東京競馬場に2回ほど行ったときに感じたことだ。
行く前は、競馬場と言えば小汚いもので、帽子を被った酒気帯びのおじさんたちが、ぐしゃぐしゃの競馬新聞片手に野次を飛ばすところだというイメージがあった。きっとそのようなイメージを払拭するために、JRA方々大変な労力と資金を費やしたのだろう。実態は正反対で、少なくとも府中のそれはどこもかしこもピカピカの設備、子供が遊べる巨大な遊具たちが揃えられ、確かに帽子を被った酒気帯びのおじさんは床に競馬新聞を広げ座り込んでいるものの、老若男女あらゆる人種がそこには居た。そして、そういうわかりやすい「競馬おじさん」アバターの方々は、声援こそ上げるものの、別にゴール板前で野次を飛ばさない。どちらかと言えば、ファンファーレではしゃぎ、道中で騒ぎ、結果に声を荒らげるのは、圧倒的に年若い男性が多かったように思えた。
面白いと思わないか?
彼らは、大体友人か恋人と来ており、身奇麗で、一見すると無害そうである。だがやけに大声で喋り、ともすれば聞こえそうな距離で騎手に文句をつけ、レースが終われば大袈裟に一喜一憂し、その場に馬券を投げ捨てていく。

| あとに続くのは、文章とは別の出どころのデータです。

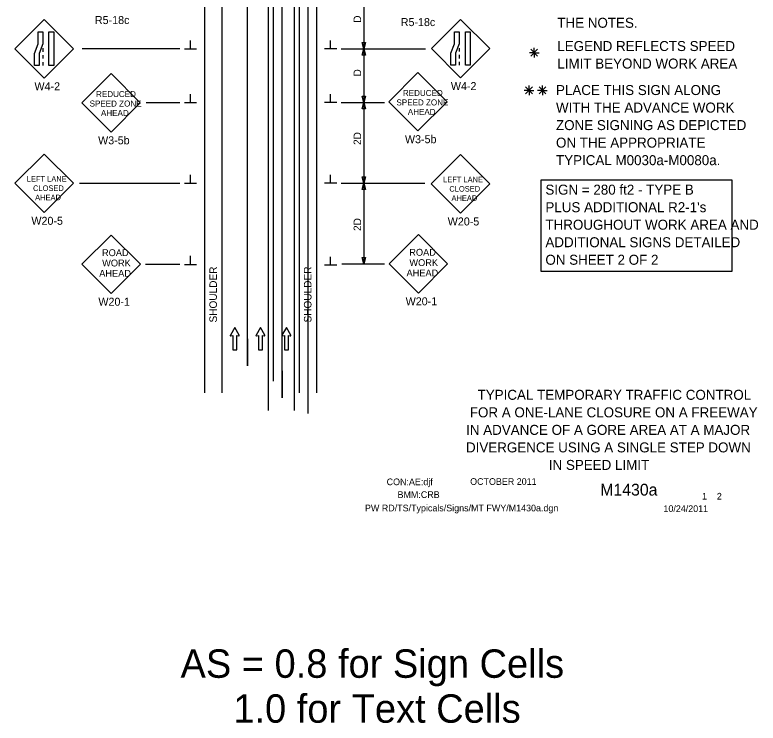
# Model space of a CAD drawing. Extents: x 16729 to 18500, y 5737 to 6974.
# Drawn here: x 16745 to 17436, y 5737 to 6395 of the extents above; entities that cross this region are included whole.
import ezdxf

# ---------------------------------------------------------------- set-up
doc = ezdxf.new("R2010")
doc.units = 0
for name, color, linetype in [('ALI_LEGAL_EX', 7, 'Continuous'), ('BORDER', 7, 'Continuous'), ('BORDER_SIGNAL_WO', 7, 'Continuous'), ('MT_SCRATCH_LEVEL_E', 7, 'Continuous'), ('PAVT_EDGE_EX', 7, 'Continuous'), ('TRAFFIC_SIGNS_PR', 7, 'Continuous'), ('TYPICAL_TEXT_DIMEN_EX', 7, 'Continuous'), ('TYPICAL_TEXT_DIMEN_PR', 7, 'Continuous')]:
    doc.layers.add(name, color=color, linetype=linetype)

msp = doc.modelspace()

# ---------------------------------------------------------------- linework, layer by layer
at = {"layer": 'ALI_LEGAL_EX'}
for p, q in [((16980.68, 6974.12), (16980.68, 6155.98)), ((17004.68, 6974.12), (17004.68, 6155.98)), ((16980.68, 6891.53), (16980.68, 6027.61)), ((17004.68, 6891.53), (17004.68, 6027.61)), ((16961.51, 6069.17), (16961.51, 6569.52)), ((16985.51, 6054.68), (16985.51, 6555.03)), ((16993.65, 6039.29), (16993.65, 6539.64)), ((17017.65, 6024.8), (17017.65, 6525.15))]:
    msp.add_line(p, q, dxfattribs=at)
for points in [[(16961.51, 6369.17), (16961.51, 6394.17)], [(16985.51, 6369.17), (16985.51, 6394.17)], [(16961.51, 6269.17), (16961.51, 6294.17)], [(16985.51, 6269.17), (16985.51, 6294.17)], [(16961.51, 6169.17), (16961.51, 6194.17)], [(16985.51, 6169.17), (16985.51, 6194.17)], [(16961.51, 6094.17), (16961.51, 6069.17)], [(16961.51, 6069.17), (16961.51, 6094.17)], [(16985.51, 6069.17), (16985.51, 6094.17)], [(16993.65, 6064.29), (16993.65, 6039.29)]]:
    msp.add_lwpolyline(points, dxfattribs=at)
at = {"layer": 'MT_SCRATCH_LEVEL_E'}
for p, q in [((16949.53, 6104.79), (16945.42, 6097.55)), ((16953.67, 6097.55), (16949.53, 6104.79)), ((16973.43, 6104.79), (16969.32, 6097.55)), ((16977.58, 6097.55), (16973.43, 6104.79)), ((16997.48, 6104.79), (16993.37, 6097.55)), ((17001.63, 6097.55), (16997.48, 6104.79)), ((16945.9, 6096.87), (16947.67, 6097.18)), ((16947.67, 6097.18), (16947.67, 6083.93)), ((16951.42, 6083.93), (16951.42, 6097.18)), ((16951.42, 6097.18), (16953.19, 6096.87)), ((16969.8, 6096.87), (16971.58, 6097.18)), ((16971.58, 6097.18), (16971.58, 6083.93)), ((16975.32, 6083.93), (16975.32, 6097.18)), ((16975.32, 6097.18), (16977.1, 6096.87)), ((16993.85, 6096.87), (16995.63, 6097.18)), ((16995.63, 6097.18), (16995.63, 6083.93)), ((16999.37, 6083.93), (16999.37, 6097.18)), ((16999.37, 6097.18), (17001.15, 6096.87)), ((16947.67, 6083.93), (16951.42, 6083.93)), ((16971.58, 6083.93), (16975.32, 6083.93)), ((16995.63, 6083.93), (16999.37, 6083.93))]:
    msp.add_line(p, q, dxfattribs=at)
for centre, start, end in [((16945.82, 6097.33), 150.42484, 279.96381), ((16953.26, 6097.33), 260.03619, 29.77312), ((16969.73, 6097.33), 150.42484, 279.96381), ((16977.17, 6097.33), 260.03619, 29.77312), ((16993.78, 6097.33), 150.42484, 279.96381), ((17001.22, 6097.33), 260.03619, 29.77312)]:
    msp.add_arc(centre, 0.463, start, end, dxfattribs=at)
at = {"layer": 'PAVT_EDGE_EX'}
for p, q in [((16921.51, 6569.52), (16921.51, 6043.9)), ((16937.51, 6569.52), (16937.51, 6043.9)), ((17009.51, 6569.52), (17009.51, 6043.9)), ((17025.51, 6569.52), (17025.51, 6043.9))]:
    msp.add_line(p, q, dxfattribs=at)
at = {"layer": 'TRAFFIC_SIGNS_PR'}
for p, q in [((16772.43, 6390.97), (16745.28, 6363.82)), ((16799.58, 6363.82), (16772.43, 6390.97)), ((17159.43, 6391.17), (17132.27, 6364.02)), ((17186.58, 6364.02), (17159.43, 6391.17)), ((16745.28, 6363.82), (16772.43, 6336.67)), ((16771.18, 6364.31), (16771.18, 6361.11)), ((16772.43, 6336.67), (16799.58, 6363.82)), ((17132.27, 6364.02), (17159.43, 6336.86)), ((17158.18, 6364.51), (17158.18, 6361.31)), ((17159.43, 6336.86), (17186.58, 6364.02)), ((16771.18, 6357.91), (16771.18, 6354.71)), ((17158.18, 6358.11), (17158.18, 6354.91)), ((16771.18, 6351.51), (16771.18, 6348.31)), ((17158.18, 6351.71), (17158.18, 6348.51)), ((17119.74, 6341.8), (17092.59, 6314.65)), ((17146.9, 6314.65), (17119.74, 6341.8)), ((16834.58, 6340.78), (16807.43, 6313.62)), ((16861.73, 6313.62), (16834.58, 6340.78)), ((16807.43, 6313.62), (16834.58, 6286.47)), ((16834.58, 6286.47), (16861.73, 6313.62)), ((17092.59, 6314.65), (17119.74, 6287.5)), ((17119.74, 6287.5), (17146.9, 6314.65)), ((16772.36, 6266), (16745.17, 6238.81)), ((16799.54, 6238.81), (16772.36, 6266)), ((17159.28, 6265.4), (17132.1, 6238.21)), ((17186.47, 6238.21), (17159.28, 6265.4)), ((16745.17, 6238.81), (16772.36, 6211.63)), ((16772.36, 6211.63), (16799.54, 6238.81)), ((17132.1, 6238.21), (17159.28, 6211.02)), ((17159.28, 6211.02), (17186.47, 6238.21)), ((16834.63, 6190.66), (16807.47, 6163.51)), ((16861.78, 6163.51), (16834.63, 6190.66)), ((17120.19, 6191.03), (17093.04, 6163.88)), ((17147.34, 6163.88), (17120.19, 6191.03)), ((16807.47, 6163.51), (16834.63, 6136.36)), ((16834.63, 6136.36), (16861.78, 6163.51)), ((17093.04, 6163.88), (17120.19, 6136.73)), ((17120.19, 6136.73), (17147.34, 6163.88))]:
    msp.add_line(p, q, dxfattribs=at)
for points in [[(16771.18, 6379.56), (16771.18, 6368.38), (16767.84, 6359.49), (16767.84, 6348.31), (16763.34, 6348.31), (16763.34, 6359.49), (16766.69, 6368.38), (16766.69, 6379.56)], [(16781.32, 6379.56), (16781.32, 6348.31), (16776.82, 6348.31), (16776.82, 6379.56)], [(17158.18, 6379.75), (17158.18, 6368.57), (17154.83, 6359.69), (17154.83, 6348.51), (17150.34, 6348.51), (17150.34, 6359.69), (17153.68, 6368.57), (17153.68, 6379.75)], [(17168.31, 6379.75), (17168.31, 6348.51), (17163.82, 6348.51), (17163.82, 6379.75)]]:
    msp.add_lwpolyline(points, close=True, dxfattribs=at)
at = {"layer": 'TYPICAL_TEXT_DIMEN_EX'}
msp.add_lwpolyline([(17234.19, 6242.04), (17411.46, 6242.04), (17411.46, 6156.72), (17234.19, 6156.72)], close=True, dxfattribs=at)
at = {"layer": 'TYPICAL_TEXT_DIMEN_PR'}
for p, q in [((17069.51, 6413.85), (17069.51, 6363.85)), ((16908.39, 6363.85), (16908.39, 6371.64)), ((17038.64, 6363.85), (17038.64, 6371.64)), ((17069.51, 6363.85), (17067.94, 6369.72)), ((17067.94, 6369.72), (17069.51, 6369.72)), ((17069.51, 6369.72), (17071.08, 6369.72)), ((17071.08, 6369.72), (17069.51, 6363.85)), ((16898.51, 6363.85), (16807.65, 6363.85)), ((16902.76, 6363.85), (16914.01, 6363.85)), ((17044.26, 6363.85), (17033.01, 6363.85)), ((17048.51, 6363.85), (17126.72, 6363.85)), ((17067.94, 6357.99), (17069.51, 6363.85)), ((17069.51, 6363.85), (17069.51, 6313.85)), ((17069.51, 6363.85), (17071.08, 6357.99)), ((17224.66, 6363.4), (17231.04, 6357.03)), ((17231.04, 6363.4), (17224.66, 6357.03)), ((17227.85, 6360.22), (17227.85, 6364.67)), ((17069.51, 6357.99), (17067.94, 6357.99)), ((17071.08, 6357.99), (17069.51, 6357.99)), ((17227.85, 6360.22), (17223.32, 6360.22)), ((17227.85, 6360.22), (17231.04, 6360.22)), ((17227.85, 6360.22), (17232.33, 6360.22)), ((17227.85, 6360.22), (17227.85, 6355.72)), ((17219.8, 6328.35), (17226.18, 6321.97)), ((17226.18, 6328.35), (17219.8, 6321.97)), ((17222.99, 6325.16), (17222.99, 6329.61)), ((17238.73, 6328.35), (17232.35, 6321.97)), ((17232.36, 6328.35), (17238.73, 6321.97)), ((17235.54, 6325.16), (17235.54, 6329.61)), ((16908.39, 6313.85), (16908.39, 6321.64)), ((17038.64, 6313.85), (17038.64, 6321.64)), ((17222.99, 6325.16), (17218.46, 6325.16)), ((17222.99, 6325.16), (17226.18, 6325.16)), ((17222.99, 6325.16), (17227.47, 6325.16)), ((17222.99, 6325.16), (17222.99, 6320.66)), ((17235.54, 6325.16), (17231.01, 6325.16)), ((17235.54, 6325.16), (17238.73, 6325.16)), ((17235.54, 6325.16), (17240.02, 6325.16)), ((17235.54, 6325.16), (17235.54, 6320.66)), ((16867.35, 6313.85), (16898.51, 6313.85)), ((16902.76, 6313.85), (16914.01, 6313.85)), ((17044.26, 6313.85), (17033.01, 6313.85)), ((17048.51, 6313.85), (17088.78, 6313.85)), ((17069.51, 6313.85), (17067.94, 6319.72)), ((17067.94, 6319.72), (17069.51, 6319.72)), ((17067.94, 6307.99), (17069.51, 6313.85)), ((17069.51, 6319.72), (17071.08, 6319.72)), ((17071.08, 6319.72), (17069.51, 6313.85)), ((17069.51, 6313.85), (17069.51, 6238.85)), ((17069.51, 6313.85), (17071.08, 6307.99)), ((17069.51, 6307.99), (17067.94, 6307.99)), ((17071.08, 6307.99), (17069.51, 6307.99)), ((16908.39, 6238.85), (16908.39, 6246.64)), ((17038.64, 6238.85), (17038.64, 6246.64)), ((17069.51, 6238.85), (17067.94, 6244.72)), ((17067.94, 6244.72), (17069.51, 6244.72)), ((17069.51, 6244.72), (17071.08, 6244.72)), ((17071.08, 6244.72), (17069.51, 6238.85)), ((16805.28, 6238.85), (16898.51, 6238.85)), ((16902.76, 6238.85), (16914.01, 6238.85)), ((17044.26, 6238.85), (17033.01, 6238.85)), ((17048.51, 6238.85), (17126.06, 6238.85)), ((17067.94, 6232.99), (17069.51, 6238.85)), ((17069.51, 6238.85), (17069.51, 6163.85)), ((17069.51, 6238.85), (17071.08, 6232.99)), ((17069.51, 6232.99), (17067.94, 6232.99)), ((17071.08, 6232.99), (17069.51, 6232.99)), ((16908.39, 6163.41), (16908.39, 6171.19)), ((17038.64, 6162.64), (17038.64, 6170.42)), ((17069.51, 6163.85), (17067.94, 6169.72)), ((17067.94, 6169.72), (17069.51, 6169.72)), ((17069.51, 6169.72), (17071.08, 6169.72)), ((17071.08, 6169.72), (17069.51, 6163.85)), ((16898.51, 6163.41), (16866.57, 6163.41)), ((16902.76, 6163.41), (16914.01, 6163.41)), ((17044.26, 6162.64), (17033.01, 6162.64)), ((17049.01, 6163.85), (17088.78, 6163.85))]:
    msp.add_line(p, q, dxfattribs=at)

# ---------------------------------------------------------------- texts
at = {"layer": 'BORDER'}
for s, p in [('TYPICAL TEMPORARY TRAFFIC CONTROL', (17175.21, 6037.44)), ('FOR A ONE-LANE CLOSURE ON A FREEWAY', (17167.99, 6021.14)), ('IN ADVANCE OF A GORE AREA AT A MAJOR', (17164.54, 6004.84)), ('DIVERGENCE USING A SINGLE STEP DOWN ', (17164.42, 5988.54)), ('IN SPEED LIMIT', (17241.42, 5972.24))]:
    msp.add_text(s, height=9.3, dxfattribs=at).set_placement(p)
at = {"layer": 'BORDER_SIGNAL_WO'}
for s, height, p in [('CON:AE:djf  ', 6.2, (17090.69, 5958.06)), ('    OCTOBER 2011    ', 6.2, (17159.08, 5958.34)), ('    M1430a   ', 11, (17272.86, 5948.38)), ('BMM:CRB   ', 6.2, (17100.81, 5946.17)), (' 1    2 ', 6.2, (17381.45, 5944.7)), ('PW RD/TS/Typicals/Signs/MT FWY/M1430a.dgn      ', 6.2, (17070.55, 5933.71)), ('10/24/2011    ', 6.2, (17347.93, 5933.13)), ('AS = 0.8 for Sign Cells', 26.4241, (16899.12, 5778.94)), ('     1.0 for Text Cells', 26.4241, (16899.12, 5737.16))]:
    msp.add_text(s, height=height, dxfattribs=at).set_placement(p)
at = {"layer": 'TRAFFIC_SIGNS_PR'}
for s, height, p in [('R5-18c', 7.44, (16819.56, 6386.84)), ('R5-18c', 7.44, (17103.81, 6384.96)), ('W4-2', 7.44, (16763.39, 6325.23)), ('W4-2', 7.44, (17150.38, 6325.43)), ('REDUCED', 5.6, (16820.64, 6318.93)), ('REDUCED', 5.6, (17105.8, 6319.96)), ('SPEED ZONE', 5.6, (16814.63, 6310.13)), ('SPEED ZONE', 5.6, (17099.79, 6311.16)), ('AHEAD', 5.6, (16825.19, 6301.33)), ('AHEAD', 5.6, (17110.35, 6302.36)), ('W3-5b', 7.44, (16822.53, 6275.03)), ('W3-5b', 7.44, (17107.7, 6276.06)), ('LEFT LANE', 5.206, (16756.22, 6240.21)), ('LEFT LANE', 5.206, (17143.14, 6239.61)), ('CLOSED', 5.206, (16762.06, 6231.6)), ('CLOSED', 5.206, (17148.98, 6231)), ('AHEAD', 5.206, (16764.01, 6222.99)), ('AHEAD', 5.206, (17150.93, 6222.39)), ('W20-5', 7.449, (16760.52, 6200.17)), ('W20-5', 7.449, (17147.44, 6199.57)), ('ROAD', 6.4, (16826.17, 6171.05)), ('ROAD', 6.4, (17111.73, 6171.41)), ('WORK', 6.4, (16826.28, 6161.45)), ('WORK', 6.4, (17111.84, 6161.81)), ('AHEAD', 6.4, (16823.59, 6151.85)), ('AHEAD', 6.4, (17109.15, 6152.21)), ('W20-1', 7.44, (16822.8, 6124.92)), ('W20-1', 7.44, (17108.36, 6125.29))]:
    msp.add_text(s, height=height, dxfattribs=at).set_placement(p)
at = {"layer": 'TYPICAL_TEXT_DIMEN_EX'}
for s, p in [('THE NOTES.', (17249.3, 6383.38)), ('LEGEND REFLECTS SPEED', (17249.3, 6361.75)), ('LIMIT BEYOND WORK AREA', (17249.3, 6345.45)), ('PLACE THIS SIGN ALONG', (17248.08, 6320.83)), ('WITH THE ADVANCE WORK', (17248.08, 6304.53)), ('ZONE SIGNING AS DEPICTED', (17248.08, 6288.23)), ('ON THE APPROPRIATE', (17248.08, 6271.93)), ('TYPICAL M0030a-M0080a.', (17248.08, 6255.63)), ('SIGN = 280 ft2 - TYPE B', (17238.24, 6228.21)), ("PLUS ADDITIONAL R2-1's", (17238.24, 6211.91)), ('THROUGHOUT WORK AREA AND', (17238.24, 6195.61)), ('ADDITIONAL SIGNS DETAILED', (17238.24, 6179.31)), ('ON SHEET 2 OF 2', (17238.24, 6163.01))]:
    msp.add_text(s, height=9.3, dxfattribs=at).set_placement(p)
at = {"layer": 'TYPICAL_TEXT_DIMEN_PR'}
for s, p in [('D', (17066.95, 6388.07)), ('D', (17066.95, 6338.07)), ('2D', (17066.95, 6274.41)), ('2D', (17066.95, 6194.43)), ('SHOULDER', (16932.95, 6109.34)), ('SHOULDER', (17020.81, 6109.34))]:
    msp.add_text(s, height=7, rotation=90, dxfattribs=at).set_placement(p)

doc.saveas('drawing.dxf')

ここでは彼らのマナーの悪さを殊更に批判するつもりはない。また、たった2回しか行っていないのだ、たまたまそういう輩に遭遇してしまったのだと思うこともできる。しかしとりあえず、一旦そういうペルソナを設定して話を進めてみよう。
彼らに共通するのは、「演技がかっている」ことだ。大仰な仕草は、誰かに見せることを想定しているかのように見える。一緒に来ている身内にだろうか。それとも。
先日、オークスの前の記者会見にて、川田将雅ジョッキーが「ゲートが開く前、あと2秒ほど声援を我慢して(要約)」と異例のお願いをなさっていた。現地に行くどころかリアルタイムでの視聴も叶わなかったので、状況証拠での記述となることをお許しいただきたいが、呼びかけは拡散されて競馬ファンにしっかり伝わったようで、レース後川田ジョッキーが深々と馬上で一礼、勝利インタビューでも感謝の念を述べていらっしゃった。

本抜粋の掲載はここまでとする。